No; I cannot stop a moment to give you the character of the people—their genius, their manners, their customs, their laws, their religion, their government, their manufactures, their commerce, their finances, with all the resources and hidden springs that sustain them—qualified as I may be by spending three hours amongst them, and during all that time making these things the entire subject of my inquiries and reflections.

Still,—still we must away—the roads were paved; we could not ride; the train went at 12.15; ’twas almost noon when we finished our lunch.

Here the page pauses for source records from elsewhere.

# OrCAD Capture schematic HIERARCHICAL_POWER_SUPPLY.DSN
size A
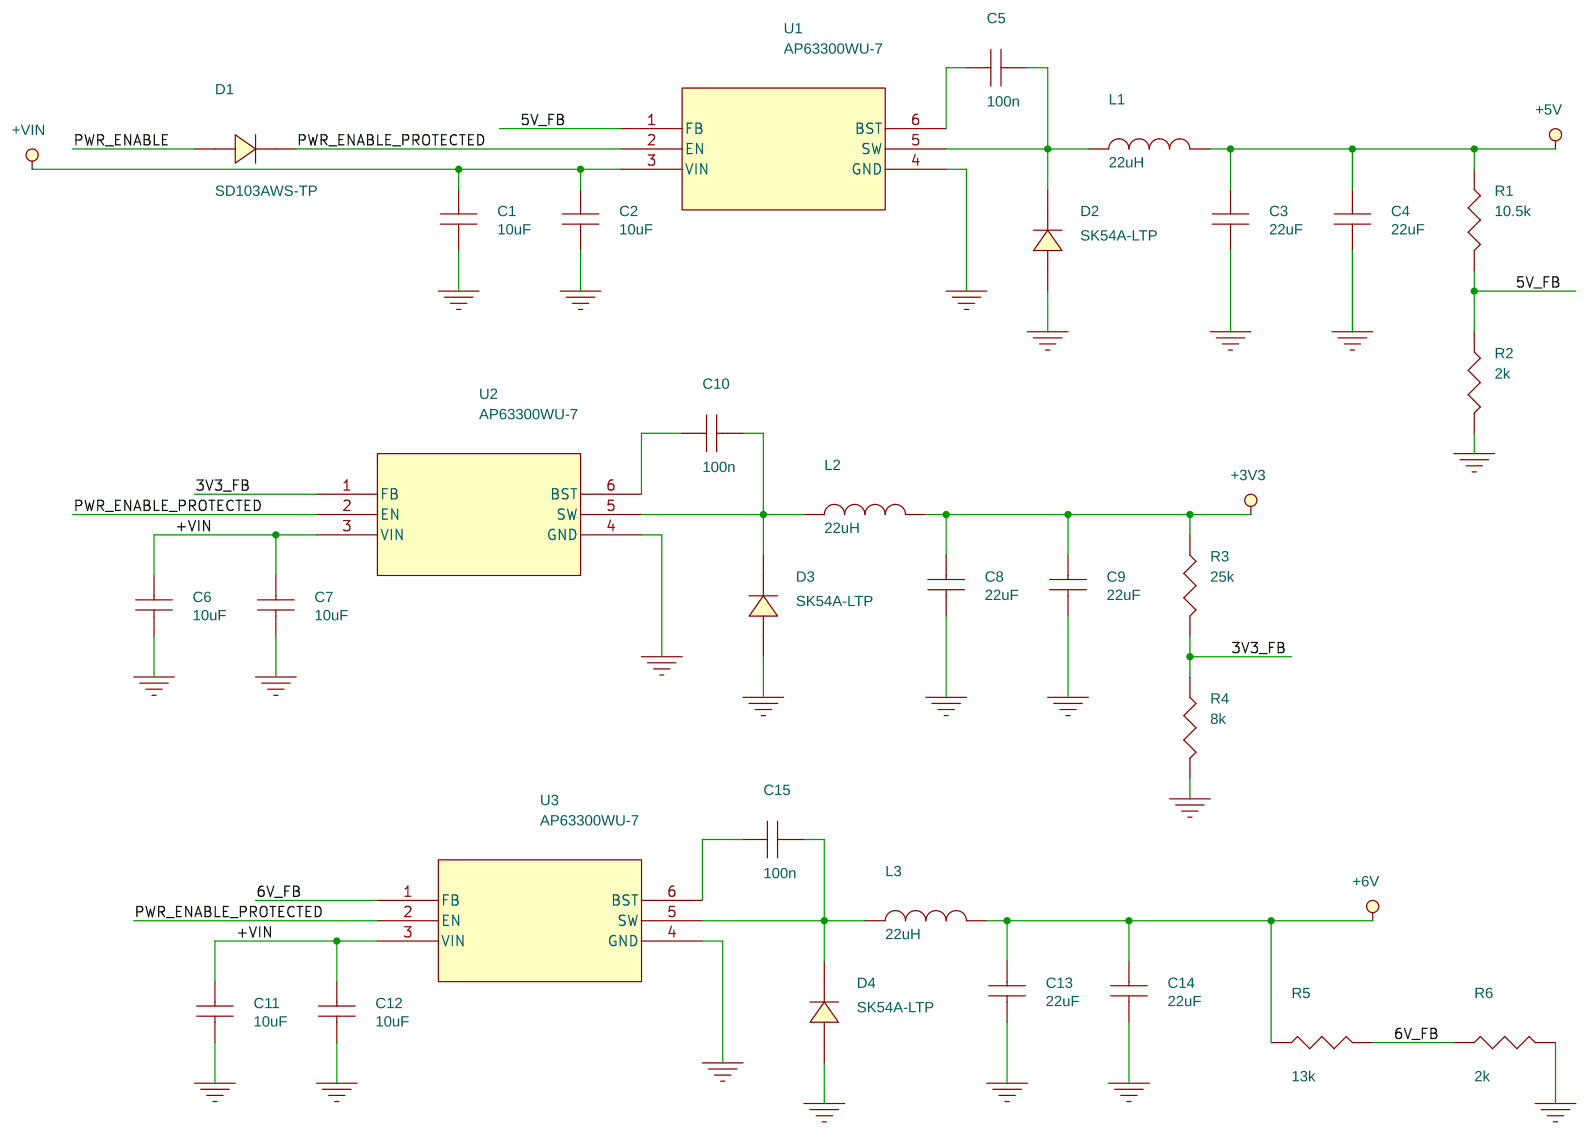
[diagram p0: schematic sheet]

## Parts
C1  10uF
C2  10uF
C3  22uF
C4  22uF
C5  100n
C6  10uF
C7  10uF
C8  22uF
C9  22uF
C10  100n
C11  10uF
C12  10uF
C13  22uF
C14  22uF
C15  100n
D1  SD103AWS-TP
D2  SK54A-LTP
D3  SK54A-LTP
D4  SK54A-LTP
L1  22uH
L2  22uH
L3  22uH
R1  10.5k
R2  2k
R3  25k
R4  8k
R5  13k
R6  2k
U1  AP63300WU-7  [TSOT6_AP63300WU-7_DIO]
U2  AP63300WU-7  [TSOT6_AP63300WU-7_DIO]
U3  AP63300WU-7  [TSOT6_AP63300WU-7_DIO]

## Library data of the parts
C1-C15 = CAP_NP
D1-D4 = DIODE
L1-L3 = INDUCTOR
R1-R6 = RESISTOR
U1-U3 = AP63300WU-7

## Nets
3V3_FB: R3.2 R4.1 U2.1(FB)
5V_FB: R1.2 R2.1 U1.1(FB)
6V_FB: R5.2 R6.1 U3.1(FB)
+3V3: C8.1 C9.1 L2.2 R3.1
+5V: C3.1 C4.1 L1.2 R1.1
+6V: C13.1 C14.1 L3.2 R5.1
+VIN: C1.1 C2.1 C6.1 C7.1 C11.1 C12.1 U1.3(VIN) U2.3(VIN) U3.3(VIN)
GND: C1.2 C2.2 C3.2 C4.2 C6.2 C7.2 C8.2 C9.2 C11.2 C12.2 C13.2 C14.2 D2.2(A) D3.2(A) D4.2(A) R2.2 R4.2 R6.2 U1.4(GND) U2.4(GND) U3.4(GND)
PWR_ENABLE: D1.2(A)
PWR_ENABLE_PROTECTED: D1.1(K) U1.2(EN) U2.2(EN) U3.2(EN)
N00568: C5.1 U1.6(BST)
N00575: C5.2 D2.1(K) L1.1 U1.5(SW)
N01451: C10.2 D3.1(K) L2.1 U2.5(SW)
N01604: C10.1 U2.6(BST)
N02471: C15.2 D4.1(K) L3.1 U3.5(SW)
N02754: C15.1 U3.6(BST)

The notice inside the station announced the departure of the train at a quarter past twelve; but on the platform a porter, pointing to a second official placard that changed the hour to twelve, hurried the tricycle into the baggage-car, and us into the first second-class carriage we came to. It seemed that notices were set up at the Gare de Lyon for the confusion of travellers! The carriage was empty save for a bag and one overcoat.

At the last moment—the train, in utter disregard of both notices, starting at five minutes after twelve—the owner of the bag jumped in. He gave us one glance, seized his property, and fairly fled.—I might have fancied we were not concerned in his flight had it not been for the sequel at Melun. Here at the station J——, with the bag, was out even before the train stopped. When I followed to the door the man was already on the platform. The moment I stepped out he stepped in, shut the door with a bang, and from the window watched our suspicious movements.—I wondered what he thought when he saw the tandem.

The porters and stationmaster immediately were for showing us the road to Barbizon. That the little village was our destination they had no doubt. Did they not see Monsieur’s portfolio?—They were mightily interested in the tricycle, and leaned over the railroad bridge above the road to watch it out of sight. But by shouting down useless parting directions, they made it seem as if they were there for our convenience rather than for their curiosity.—As for Melun, though it was of old a Roman town, and later was made famous by Abelard, I can say nothing of it, for the good reason that we at once turned our backs upon its pavÉ.